▸ Work order: Scan the entries line by line and return those with "tdCoDivCarto".
------ Raw data
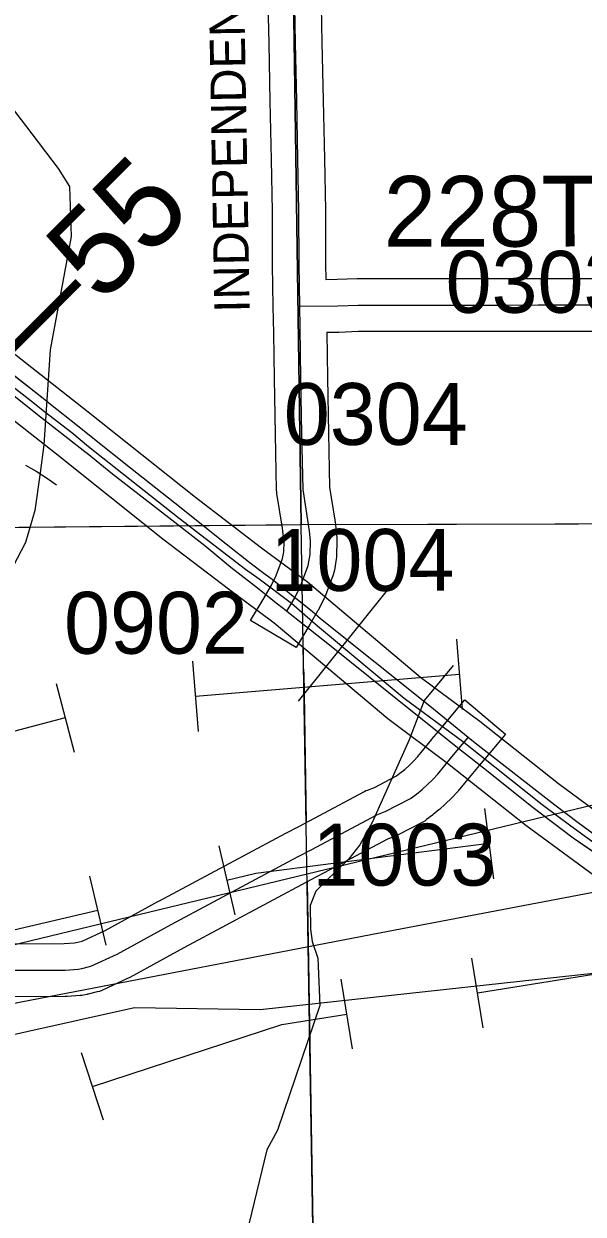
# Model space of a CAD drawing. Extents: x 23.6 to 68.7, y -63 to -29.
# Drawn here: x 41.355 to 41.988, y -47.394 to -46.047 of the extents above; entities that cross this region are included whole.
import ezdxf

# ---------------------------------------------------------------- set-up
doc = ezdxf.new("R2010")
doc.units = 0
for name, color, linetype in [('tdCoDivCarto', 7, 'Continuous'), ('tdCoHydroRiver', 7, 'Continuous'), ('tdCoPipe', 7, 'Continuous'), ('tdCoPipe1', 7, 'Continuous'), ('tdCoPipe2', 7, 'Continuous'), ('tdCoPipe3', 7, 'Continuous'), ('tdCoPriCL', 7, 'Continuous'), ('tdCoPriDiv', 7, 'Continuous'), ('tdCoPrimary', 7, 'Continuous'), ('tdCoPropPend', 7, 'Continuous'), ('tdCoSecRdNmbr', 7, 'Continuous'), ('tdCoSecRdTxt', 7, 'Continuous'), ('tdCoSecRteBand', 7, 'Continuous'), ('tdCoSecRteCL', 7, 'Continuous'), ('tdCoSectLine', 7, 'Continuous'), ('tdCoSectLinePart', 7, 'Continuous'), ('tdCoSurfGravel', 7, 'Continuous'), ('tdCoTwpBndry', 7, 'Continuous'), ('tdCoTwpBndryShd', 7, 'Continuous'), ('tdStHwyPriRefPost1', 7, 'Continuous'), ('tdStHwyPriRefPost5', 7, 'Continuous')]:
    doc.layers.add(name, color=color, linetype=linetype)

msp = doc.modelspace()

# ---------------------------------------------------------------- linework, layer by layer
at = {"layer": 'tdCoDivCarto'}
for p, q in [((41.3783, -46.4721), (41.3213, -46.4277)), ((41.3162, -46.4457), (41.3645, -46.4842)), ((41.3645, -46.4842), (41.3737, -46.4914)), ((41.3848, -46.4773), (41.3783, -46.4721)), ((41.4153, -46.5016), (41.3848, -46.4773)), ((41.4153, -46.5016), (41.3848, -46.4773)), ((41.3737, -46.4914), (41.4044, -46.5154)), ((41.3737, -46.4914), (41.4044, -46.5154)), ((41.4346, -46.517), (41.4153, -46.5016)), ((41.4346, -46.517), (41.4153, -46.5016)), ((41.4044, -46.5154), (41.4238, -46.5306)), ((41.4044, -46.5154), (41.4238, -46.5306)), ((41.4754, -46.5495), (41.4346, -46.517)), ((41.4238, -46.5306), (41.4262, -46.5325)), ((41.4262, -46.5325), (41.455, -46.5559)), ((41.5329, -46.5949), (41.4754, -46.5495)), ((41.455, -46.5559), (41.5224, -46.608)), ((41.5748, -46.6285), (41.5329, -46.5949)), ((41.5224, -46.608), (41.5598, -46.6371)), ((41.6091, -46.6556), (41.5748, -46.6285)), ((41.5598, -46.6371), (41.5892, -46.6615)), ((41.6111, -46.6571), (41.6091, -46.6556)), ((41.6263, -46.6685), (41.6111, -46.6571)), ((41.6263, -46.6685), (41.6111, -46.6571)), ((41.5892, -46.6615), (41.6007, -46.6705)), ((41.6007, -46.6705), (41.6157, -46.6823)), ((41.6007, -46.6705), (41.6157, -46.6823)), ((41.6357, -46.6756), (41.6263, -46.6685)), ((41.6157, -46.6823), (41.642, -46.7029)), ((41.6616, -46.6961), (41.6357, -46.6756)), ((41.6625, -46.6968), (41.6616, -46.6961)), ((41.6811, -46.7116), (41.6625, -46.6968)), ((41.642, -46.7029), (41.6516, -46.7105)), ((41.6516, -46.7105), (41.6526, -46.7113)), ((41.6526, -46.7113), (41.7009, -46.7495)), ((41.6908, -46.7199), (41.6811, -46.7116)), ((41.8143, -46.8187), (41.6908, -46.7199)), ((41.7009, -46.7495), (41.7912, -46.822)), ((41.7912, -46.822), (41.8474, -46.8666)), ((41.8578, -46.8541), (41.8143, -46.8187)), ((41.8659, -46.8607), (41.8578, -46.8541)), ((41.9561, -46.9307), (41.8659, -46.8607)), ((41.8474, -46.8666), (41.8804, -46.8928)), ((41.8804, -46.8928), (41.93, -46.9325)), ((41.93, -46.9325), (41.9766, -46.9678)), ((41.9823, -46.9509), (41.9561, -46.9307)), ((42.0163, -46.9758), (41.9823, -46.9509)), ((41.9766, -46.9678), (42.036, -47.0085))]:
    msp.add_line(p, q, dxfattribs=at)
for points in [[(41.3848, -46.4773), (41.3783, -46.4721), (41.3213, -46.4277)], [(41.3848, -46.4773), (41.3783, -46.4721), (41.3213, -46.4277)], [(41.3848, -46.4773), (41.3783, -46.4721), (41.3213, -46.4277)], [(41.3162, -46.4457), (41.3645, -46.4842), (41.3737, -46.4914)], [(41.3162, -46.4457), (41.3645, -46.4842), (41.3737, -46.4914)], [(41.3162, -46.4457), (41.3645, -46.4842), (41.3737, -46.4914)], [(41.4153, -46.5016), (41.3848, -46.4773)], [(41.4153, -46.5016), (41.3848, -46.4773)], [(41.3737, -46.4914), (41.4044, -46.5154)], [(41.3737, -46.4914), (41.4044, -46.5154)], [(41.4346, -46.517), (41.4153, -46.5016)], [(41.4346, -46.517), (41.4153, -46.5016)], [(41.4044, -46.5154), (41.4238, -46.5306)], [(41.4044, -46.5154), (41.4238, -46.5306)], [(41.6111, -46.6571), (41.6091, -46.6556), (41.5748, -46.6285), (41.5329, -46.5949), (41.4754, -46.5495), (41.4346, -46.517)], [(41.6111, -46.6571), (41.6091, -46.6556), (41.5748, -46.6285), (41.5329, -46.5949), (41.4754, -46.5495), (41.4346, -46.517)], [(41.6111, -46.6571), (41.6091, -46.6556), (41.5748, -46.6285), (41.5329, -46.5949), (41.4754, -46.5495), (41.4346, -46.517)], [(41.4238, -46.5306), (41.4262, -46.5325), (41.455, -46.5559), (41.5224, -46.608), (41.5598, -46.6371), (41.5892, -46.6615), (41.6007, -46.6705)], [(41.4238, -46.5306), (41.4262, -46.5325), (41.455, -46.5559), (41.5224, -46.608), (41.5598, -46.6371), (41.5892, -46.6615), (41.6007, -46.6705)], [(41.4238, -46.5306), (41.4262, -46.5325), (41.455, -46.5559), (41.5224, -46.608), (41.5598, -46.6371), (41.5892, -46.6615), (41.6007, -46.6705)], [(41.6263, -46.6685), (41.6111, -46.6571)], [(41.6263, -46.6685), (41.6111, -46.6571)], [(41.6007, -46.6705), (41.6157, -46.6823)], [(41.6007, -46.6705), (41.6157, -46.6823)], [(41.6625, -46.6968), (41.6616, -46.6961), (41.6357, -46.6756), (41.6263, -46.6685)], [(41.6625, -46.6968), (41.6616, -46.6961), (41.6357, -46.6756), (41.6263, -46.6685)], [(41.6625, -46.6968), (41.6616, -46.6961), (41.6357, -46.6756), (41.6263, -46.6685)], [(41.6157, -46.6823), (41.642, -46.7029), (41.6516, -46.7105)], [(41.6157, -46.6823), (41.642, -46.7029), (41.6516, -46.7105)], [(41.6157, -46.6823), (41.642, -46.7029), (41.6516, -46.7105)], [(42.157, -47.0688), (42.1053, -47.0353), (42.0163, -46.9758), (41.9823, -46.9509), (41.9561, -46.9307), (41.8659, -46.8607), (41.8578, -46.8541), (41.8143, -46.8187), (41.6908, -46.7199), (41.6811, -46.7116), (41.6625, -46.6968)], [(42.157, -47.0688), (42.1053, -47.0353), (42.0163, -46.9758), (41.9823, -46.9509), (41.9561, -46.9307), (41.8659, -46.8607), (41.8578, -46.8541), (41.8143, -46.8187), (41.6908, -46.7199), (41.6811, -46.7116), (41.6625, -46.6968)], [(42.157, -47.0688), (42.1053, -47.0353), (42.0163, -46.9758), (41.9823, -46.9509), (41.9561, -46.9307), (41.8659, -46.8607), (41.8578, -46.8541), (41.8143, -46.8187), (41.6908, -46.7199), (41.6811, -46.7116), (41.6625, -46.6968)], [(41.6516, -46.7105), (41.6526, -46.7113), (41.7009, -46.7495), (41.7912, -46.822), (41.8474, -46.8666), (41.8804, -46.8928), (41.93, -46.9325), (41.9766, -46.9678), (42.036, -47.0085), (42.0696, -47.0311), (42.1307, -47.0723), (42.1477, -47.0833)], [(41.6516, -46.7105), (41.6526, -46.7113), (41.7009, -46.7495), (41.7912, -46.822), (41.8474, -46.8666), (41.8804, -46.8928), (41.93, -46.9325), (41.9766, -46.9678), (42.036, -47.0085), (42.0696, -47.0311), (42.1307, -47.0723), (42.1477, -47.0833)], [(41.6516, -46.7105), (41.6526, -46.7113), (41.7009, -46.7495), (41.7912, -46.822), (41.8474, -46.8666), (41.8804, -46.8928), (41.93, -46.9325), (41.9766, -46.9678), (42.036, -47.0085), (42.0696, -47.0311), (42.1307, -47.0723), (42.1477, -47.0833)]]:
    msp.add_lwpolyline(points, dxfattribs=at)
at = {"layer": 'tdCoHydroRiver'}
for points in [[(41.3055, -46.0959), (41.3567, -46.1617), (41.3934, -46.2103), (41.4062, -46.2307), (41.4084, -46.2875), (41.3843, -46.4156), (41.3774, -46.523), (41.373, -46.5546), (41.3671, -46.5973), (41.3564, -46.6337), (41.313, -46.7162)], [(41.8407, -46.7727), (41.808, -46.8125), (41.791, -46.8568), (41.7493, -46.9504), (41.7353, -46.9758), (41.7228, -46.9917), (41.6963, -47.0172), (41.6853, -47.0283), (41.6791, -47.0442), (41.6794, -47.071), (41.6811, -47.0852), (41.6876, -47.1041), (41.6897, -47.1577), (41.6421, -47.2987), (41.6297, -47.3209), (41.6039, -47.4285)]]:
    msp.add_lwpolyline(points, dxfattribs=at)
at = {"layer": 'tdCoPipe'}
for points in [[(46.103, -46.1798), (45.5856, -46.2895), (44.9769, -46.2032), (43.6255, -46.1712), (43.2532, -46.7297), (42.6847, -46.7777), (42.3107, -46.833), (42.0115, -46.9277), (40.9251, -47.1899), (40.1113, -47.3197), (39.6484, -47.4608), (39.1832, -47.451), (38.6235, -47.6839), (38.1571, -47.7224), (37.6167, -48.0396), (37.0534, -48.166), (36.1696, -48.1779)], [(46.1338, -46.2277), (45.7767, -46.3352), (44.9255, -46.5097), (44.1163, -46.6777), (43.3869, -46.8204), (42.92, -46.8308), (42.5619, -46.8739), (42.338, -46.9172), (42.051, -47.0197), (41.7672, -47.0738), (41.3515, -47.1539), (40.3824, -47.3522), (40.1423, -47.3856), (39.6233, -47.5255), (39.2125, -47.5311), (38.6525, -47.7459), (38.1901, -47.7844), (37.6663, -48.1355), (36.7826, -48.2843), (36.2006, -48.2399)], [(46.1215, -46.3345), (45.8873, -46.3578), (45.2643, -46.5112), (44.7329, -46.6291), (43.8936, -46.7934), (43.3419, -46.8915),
------------
▸ Result of this task:
for name, color, linetype in [('tdCoDivCarto', 7, 'Continuous'), ('tdCoHydroRiver', 7, 'Continuous'), ('tdCoPipe', 7, 'Continuous'), ('tdCoPipe1', 7, 'Continuous'), ('tdCoPipe2', 7, 'Continuous'), ('tdCoPipe3', 7, 'Continuous'), ('tdCoPriCL', 7, 'Continuous'), ('tdCoPriDiv', 7, 'Continuous'), ('tdCoPrimary', 7, 'Continuous'), ('tdCoPropPend', 7, 'Continuous'), ('tdCoSecRdNmbr', 7, 'Continuous'), ('tdCoSecRdTxt', 7, 'Continuous'), ('tdCoSecRteBand', 7, 'Continuous'), ('tdCoSecRteCL', 7, 'Continuous'), ('tdCoSectLine', 7, 'Continuous'), ('tdCoSectLinePart', 7, 'Continuous'), ('tdCoSurfGravel', 7, 'Continuous'), ('tdCoTwpBndry', 7, 'Continuous'), ('tdCoTwpBndryShd', 7, 'Continuous'), ('tdStHwyPriRefPost1', 7, 'Continuous'), ('tdStHwyPriRefPost5', 7, 'Continuous')]:
at = {"layer": 'tdCoDivCarto'}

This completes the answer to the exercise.